Still too soon to say if the effect of all this is going to be permanent, but I'm encouraged so far. I've had a few small sides (little jitteriness here and there), but dosage modification and a little bit of time has taken care of it. The effect does seem pretty stable.
Right now I've cycled sulbutiamine out of the stack and will be adding it back in at the end of next week. Cycling is recommended to get the best benefit from it (from all nootropics, actually). And low doses to start, increase if no sides.

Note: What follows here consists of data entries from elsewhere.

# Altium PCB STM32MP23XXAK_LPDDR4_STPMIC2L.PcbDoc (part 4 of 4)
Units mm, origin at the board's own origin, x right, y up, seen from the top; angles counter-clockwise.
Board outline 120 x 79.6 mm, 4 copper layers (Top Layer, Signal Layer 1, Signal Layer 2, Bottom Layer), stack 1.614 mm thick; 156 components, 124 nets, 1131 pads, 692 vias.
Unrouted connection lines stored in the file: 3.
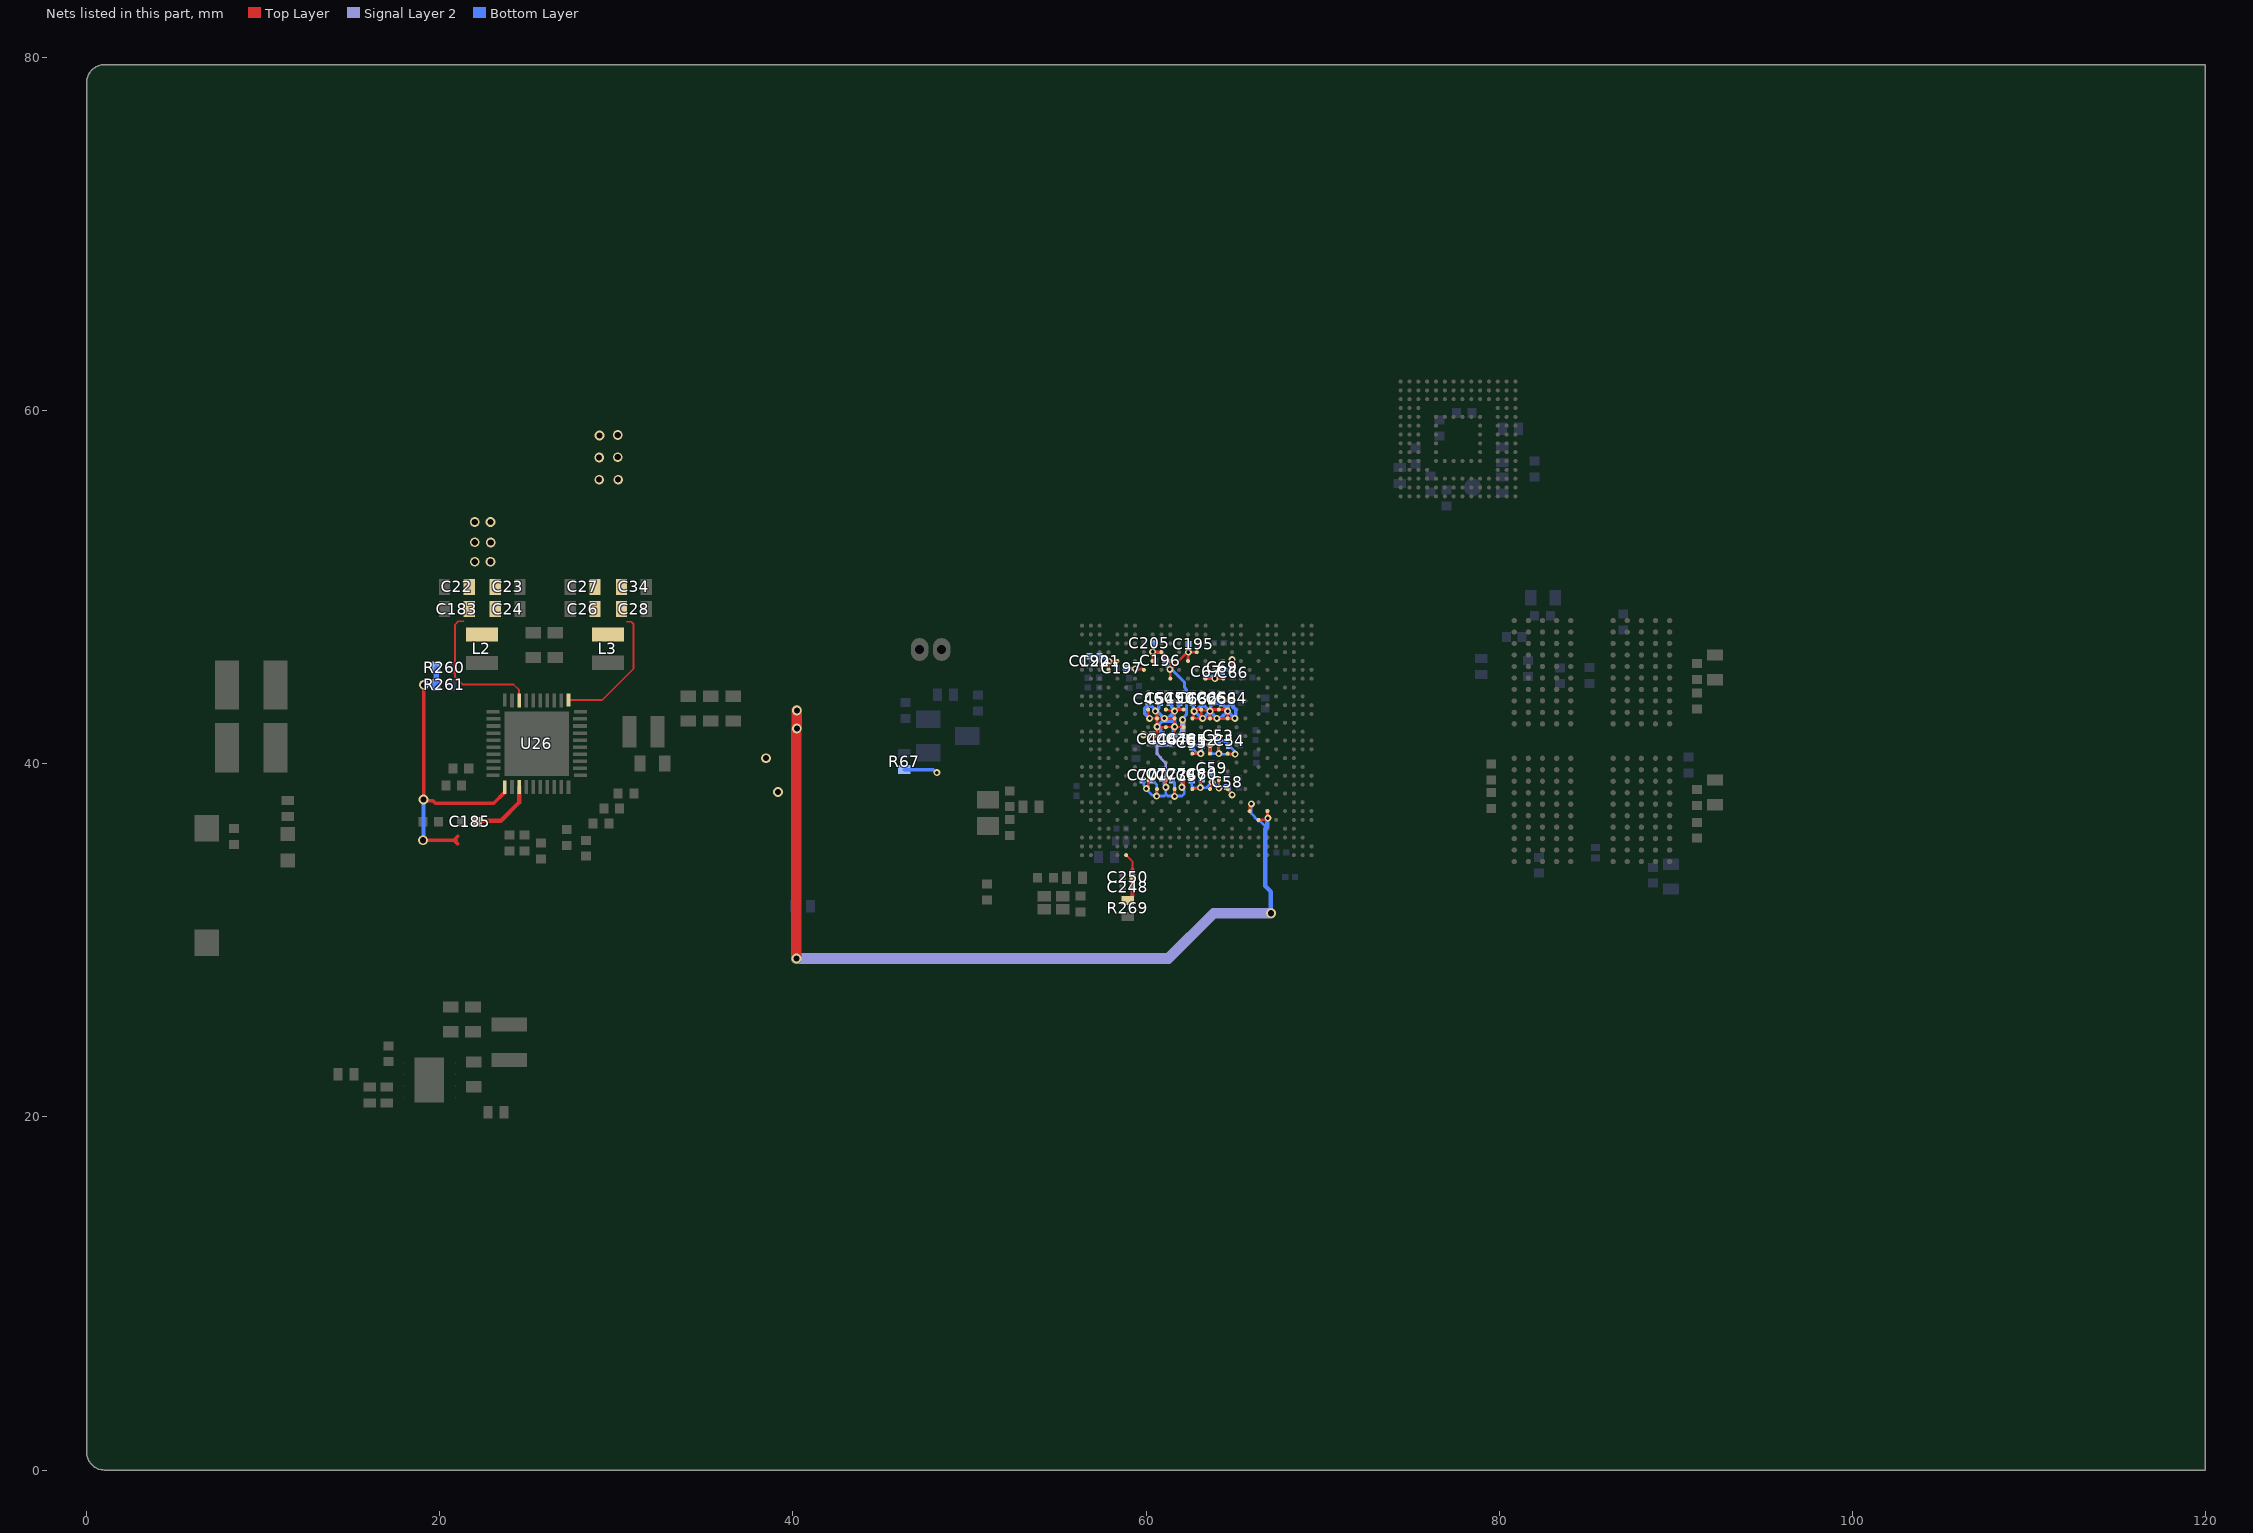
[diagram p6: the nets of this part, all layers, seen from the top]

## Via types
v1: diameter 0.55, hole 0.35, Top Layer to Bottom Layer, 364 vias
v2: diameter 0.4, hole 0.2, Top Layer to Bottom Layer, tented both sides, 223 vias
v3: diameter 0.4, hole 0.2, Top Layer to Bottom Layer, 105 vias

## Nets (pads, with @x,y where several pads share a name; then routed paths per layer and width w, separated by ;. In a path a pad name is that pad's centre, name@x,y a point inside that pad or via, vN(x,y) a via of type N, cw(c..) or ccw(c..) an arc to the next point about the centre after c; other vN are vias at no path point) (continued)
VDDCORE: C22.2 C23.2 C24.2 C44.1 C45.2 C46.2 C47.1 C48.2 C49.2 C50.2 C51.2 C183.2 C192.2 C197.2 C201.2 L2.2 U1.1C1 U1.1C3 U1.1C5 U1.1D2 U1.1D4 U1.1E3 U1.1E5 U1.1F2 U1.1F4 U1.AB20 U1.AB22 U1.AC21 U1.E5 U1.F4 U1.F8 U26.18 | length 80.3
  Top Layer w0.1: 21.35,48.075 21.05,48.075 20.857,47.882 20.857,44.927 21.288,44.495 24.174,44.495 24.488,44.181 U26.18@24.488,43.594
  Top Layer w0.15: U1.F4@57.875,45.325 v2(57.9,45.8) U1.E5@58.375,45.825 ; v2(59.4,45.375) 59.803,45.375 59.853,45.325 U1.F8@59.875,45.325 ; v2(59.85,41.65) 59.904,41.65 59.981,41.573 U1.1F2@60.624,41.573 ; U1.1C1@60.125,43.075 60.125,42.724 60.206,42.643 v2@60.206,42.575 ; v2(60.21,42.575) U1.1D2@60.625,42.575 ; v2@60.545,42.99 60.545,42.922 60.625,42.842 U1.1D2@60.625,42.575 ; U1.1F2@60.625,41.65 v2(60.625,42.1) ; U1.1C3@61.125,43.075 v2(61.625,42.983) ; U1.1F4@61.625,41.575 v2(61.625,42.1) ; U1.1E5@62.125,42.075 v2(61.625,42.1) ; U1.1C5@62.125,43.075 61.771,43.075 61.679,42.983 v2(61.625,42.983) ; U1.AB20@65.875,37.325 65.875,37.607 65.95,37.682 v2@65.95,37.75 ; U1.AC21@66.375,36.825 66.8,36.825 v2@66.888,36.913 ; v2(60.625,42.1) U1.1D2@60.625,42.575 ; v2(60.625,42.1) 60.65,42.075 U1.1E3@61.125,42.075 v2(61.625,42.1) ; U1.1D2@60.625,42.575 61.017,42.572 61.622,42.572 U1.1D4@61.625,42.575 ; v2(61.625,42.1) U1.1D4@61.625,42.575 ; U1.1D4@61.625,42.575 v2@61.625,42.983
  Top Layer w0.16: U1.AB22@66.875,37.325 66.875,36.95 v2(66.9,36.925)
  Top Layer w0.6: v1(40.2,28.975) 40.2,41.975 v1(40.225,42) v1(40.225,43.025)
  Signal Layer 2 w0.6: v1(40.2,28.975) 61.257,28.974 63.827,31.544 66.413,31.544 66.415,31.542 v1(67.078,31.542)
  Bottom Layer w0.15: v2(65.969,37.735) 65.95,37.716 65.95,37.205 66.167,36.988 66.167,36.95 66.367,36.75 66.466,36.75 66.821,36.395
  Bottom Layer w0.2: C192.2@56.8,46.1 C201.2@57.375,46.1 57.45,46.025 57.675,46.025 v2(57.9,45.8) ; C197.2@58.755,45.355 58.775,45.375 v2(59.4,45.375) ; v2(59.85,41.65) 60.346,41.65 C44.1@60.351,41.655 ; v2@60.206,42.575 59.942,42.839 59.942,43.153 60.059,43.27 60.098,43.27 60.173,43.345 60.198,43.32 60.235,43.32 60.285,43.27 60.328,43.27 60.507,43.091 60.507,43.028 60.545,42.99 v2@60.578,42.99 ; C51.2@60.814,43.438 60.788,43.438 60.725,43.375 60.725,43.137 v2@60.578,42.99 ; C46.2@60.84,41.657 C46.2@60.913,41.657 ; C46.2@60.915,41.655 C46.2@60.913,41.657 ; v2@61.135,42.572 61.017,42.572 61.017,42.591 60.719,42.89 60.699,42.89 60.599,42.99 v2@60.578,42.99 ; C49.2@61.377,43.437 61.452,43.362 61.452,43.201 61.625,43.028 v2(61.625,42.983) v2@61.616,42.961 ; C47.1@61.476,41.631 C47.1@61.502,41.657 ; C50.2@61.941,43.438 61.866,43.363 61.866,43.211 v2@61.616,42.961 ; C48.2@62.038,41.657 C47.1@61.502,41.657 ; C46.2@60.913,41.657 C47.1@61.502,41.657 ; C46.2@60.913,41.657 60.84,41.73 60.84,41.94 60.719,42.062 60.663,42.062 v2(60.625,42.1) 60.625,42.107 60.923,42.405 v2@61.06,42.405 ; v2@61.06,42.405 v2@61.227,42.572 ; v2@61.06,42.405 61.623,42.405 ; v2@61.227,42.572 v2@61.616,42.961 ; v2@61.227,42.572 61.455,42.572 ; 61.455,42.572 v2@61.616,42.961 ; 61.455,42.572 61.623,42.405 ; C47.1@61.502,41.657 61.551,41.706 61.551,41.972 61.625,42.046 v2(61.625,42.1) 61.623,42.102 61.623,42.405
  Bottom Layer w0.25: v2(66.9,36.925) 66.875,36.9 66.875,36.449 66.821,36.395 66.75,36.324 66.75,33.083 67.078,32.755 v1(67.078,31.542)
  other v1: 21.975,51.45 22.875,51.45 22.886,52.535 21.975,52.55 21.975,53.7 22.875,53.7
  other v2: 61.04,42.575 60.531,42.99
VDDCPUGPU: C26.2 C27.2 C28.2 C34.2 C52.2 C53.2 C54.2 C55.2 C57.2 C58.2 C59.2 C60.2 C62.1 C63.2 C64.2 C65.1 C66.2 C67.2 C68.2 C69.2 L3.2 U1.1C7 U1.1C9 U1.1D6 U1.1D8 U1.1D10 U1.1G7 U1.1G9 U1.1H6 U1.1H8 U1.1H10 U1.1L7 U1.1L9 U1.1M6 U1.1M8 U1.1M10 U1.F18 U1.G15 U1.G17 U26.11 | length 41.3
  Top Layer w0.1: U26.11@27.288,43.619 29.193,43.619 30.976,45.401 30.976,47.916 30.842,48.05 30.6,48.05 ; U1.1H6@62.625,40.575 U1.1H6@62.625,40.61
  Top Layer w0.125: v2(64.125,40.575) U1.1G9@64.125,41.075
  Top Layer w0.15: U1.1M6@62.625,38.575 v2(63.075,38.65) U1.1L7@63.125,39.075 ; U1.1H6@62.625,40.575 v2(63.1,40.575) ; v2@62.725,42.907 v2@62.725,42.975 ; U1.1G7@63.125,41.075 v2(63.625,41.1) U1.1H8@63.625,40.575 ; v2@63.2,42.575 U1.1D6@62.625,42.575 62.625,42.597 62.696,42.668 62.696,42.956 v2(62.72,42.98) 62.788,42.98 62.883,43.075 U1.1C7@63.125,43.075 ; U1.G15@63.375,44.825 v2(63.9,44.825) U1.G17@64.375,44.825 ; U1.1M8@63.625,38.575 v2(63.747,38.971) ; v2(64.125,38.629) U1.1L9@64.125,39.075 ; U1.1M10@64.625,38.575 v2(64.876,38.245) ; U1.F18@64.875,45.325 v2(64.875,45.91) ; v2@65.017,42.572 64.628,42.572 U1.1D10@64.625,42.575 ; U1.1C7@63.125,43.075 63.125,42.728 63.21,42.643 v2(63.21,42.575) U1.1D8@63.625,42.575 ; U1.1C7@63.125,43.075 v2(63.625,42.983) ; U1.1D8@63.625,42.575 v2(63.625,42.983) ; U1.1D8@63.625,42.575 v2(64.017,42.572) 64.622,42.572 U1.1D10@64.625,42.575 ; v2(63.625,42.983) 63.693,42.983 63.784,43.075 U1.1C9@64.125,43.075 64.466,43.075 64.557,42.983 v2(64.625,42.983) U1.1D10@64.625,42.575
  Top Layer w0.16: U1.1H10@64.625,40.575 v2(65.05,40.55)
  Bottom Layer w0.15: C57.2@62.592,39.053 62.592,38.738 62.68,38.65 v2(63.075,38.65) ; C60.2@63.154,39.122 63.092,39.06 63.092,38.667 v2(63.075,38.65) ; C59.2@63.714,39.486 63.747,39.453 v2(63.747,38.971) ; v2(64.875,45.91) 64.895,45.89 C66.2@64.895,45.441 ; v2(64.876,38.245) 64.876,38.289 64.707,38.458 64.707,38.597 C58.2@64.607,38.697 64.193,38.697 v2(64.125,38.629) 63.783,38.971 v2(63.747,38.971) ; v2(63.075,38.65) 63.426,38.65 v2(63.747,38.971) ; C52.2@63.162,41.057 62.788,41.057 62.756,41.025 62.7,41.025 C55.2@62.6,40.925 62.902,40.623 63.052,40.623 v2(63.1,40.575) 63.162,40.637 C52.2@63.162,41.057 ; C52.2@63.162,41.057 63.184,41.079 63.603,41.079 v2(63.625,41.1) ; v2(63.625,41.1) 63.656,41.131 63.908,41.131 C53.2@64.083,41.306 ; v2(63.625,41.1) 63.625,40.719 63.769,40.575 v2(64.125,40.575) ; C53.2@64.083,41.306 64.396,41.306 64.463,41.239 64.496,41.239 C54.2@64.706,41.029 65.002,40.733 65.002,40.598 v2(65.05,40.55) 64.15,40.55 v2(64.125,40.575) ; C53.2@64.083,41.306 64.083,40.962 64.125,40.919 v2(64.125,40.575)
  Bottom Layer w0.2: C63.2@62.65,43.455 62.685,43.42 v2@62.685,43.015 ; C67.2@63.4,44.95 63.775,44.95 v2(63.9,44.825) 63.933,44.825 64.23,45.122 64.23,45.127 64.3,45.197 C69.2@64.305,45.197 ; v2(64.017,42.572) 64.055,42.61 64.252,42.61 v2(64.625,42.983) ; v2@64.017,42.583 v2@63.625,42.975 ; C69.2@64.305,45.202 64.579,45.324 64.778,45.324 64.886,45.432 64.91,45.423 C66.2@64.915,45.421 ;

Larger point being that my experience is kind of parallel to the experience of the person in the article: a foundation of physical health built with other supplements, then unexpected and startling improvement in mental AND physical energy when adding B1 (in my case, sulbutiamine and some other nootropics). I'm also kind of bouncing from project to project, too, so am probably going to have to retrain my brain, since there are apparently a lot of sloppy habits still rattling around in there. But bouncing is much better than laying down, and it all started with the sulbutiamine (B1).
I'm also taking benfotiamine as a prophylactic against damage from high blood sugar, but I don't know if it's doing me any good or not. I don't have any symptoms from damage, but I do have blood sugar issues.
I recently had the same problem with benfotiamine, and resolved it by taking calcium. I was already taking lots of magnesium, but a deficiency in either one can cause the same tense muscles.
I started getting more energy when I was taking 1500 mg's of thiamine along with 60 mg's of B2.
Then shortly after that I was getting some brain fog, some blurry vision, and some muscle twitching. All those symptoms subsided when I cut back to 1000 mg's of thiamine and 25 mg's of B2.
If I may ask you folks. Do you think the brain fog and blurry vision could be ammonia detox related? Or maybe iron related because of the B2?
Also, I'm just assuming the muscle twitching could be the need for extra magnesium. Since I cut back on both the B1 and B2, and no longer having the muscle twitching, I'm hoping I have enough mag on board without supplementing. Maybe this is this case. I am more than likely atypical to most people here, in that taking extra mag always makes me more sluggish.
I think I have had both.
I've posted about this before, its pretty easy to determine if it works. Usually the benefits appear
after 3 days. I took 1000mg's and on the 3rd morning upon awakening I noticed I was not "wired and tired".
Calmed my system. The effect lasted for about 2 months, then I crashed and it has not produced the
same effect. BTW, I've done many treatments and everything else did nothing or made me sicker.
@Gondwanaland asked me to post here on my B1/thiamin experiences.
I was using outdated information about freddd's protocol that led me to take Pure Encapsulations B-Complex Plus, which has 100mg B1/Thiamin.
For months I battled stomach problems that finally got bad enough to drive me to the doctor to rule out disease and infection. (Ruled out.)
100mg B1 is about 10 times too much, according to Freddd. Also high amounts of B1,B2,B3 can drive potassium needs very high. I was consuming over 6 grams a day and still going into deficit.
I now take 1/2 tab Nature-Made B-Complex (with B1/thiamin at 7.5mg). I add biotin and whatever else I needed to fill out the B's.
I was better almost immediately. No problems since. The culprit was clearly the high amount of B1/thiamin.
My takeaway: if you're doing methylation work, be careful about your B1 amount. Stay under 10mg/day.
Just to say I'm using 25mg/day, with no excess potassium or other issues. I've settled on the Swanson's linked below. I split the caps, take 1/2 AM, midday. I haven't found another formula that has both low doses and activated forms.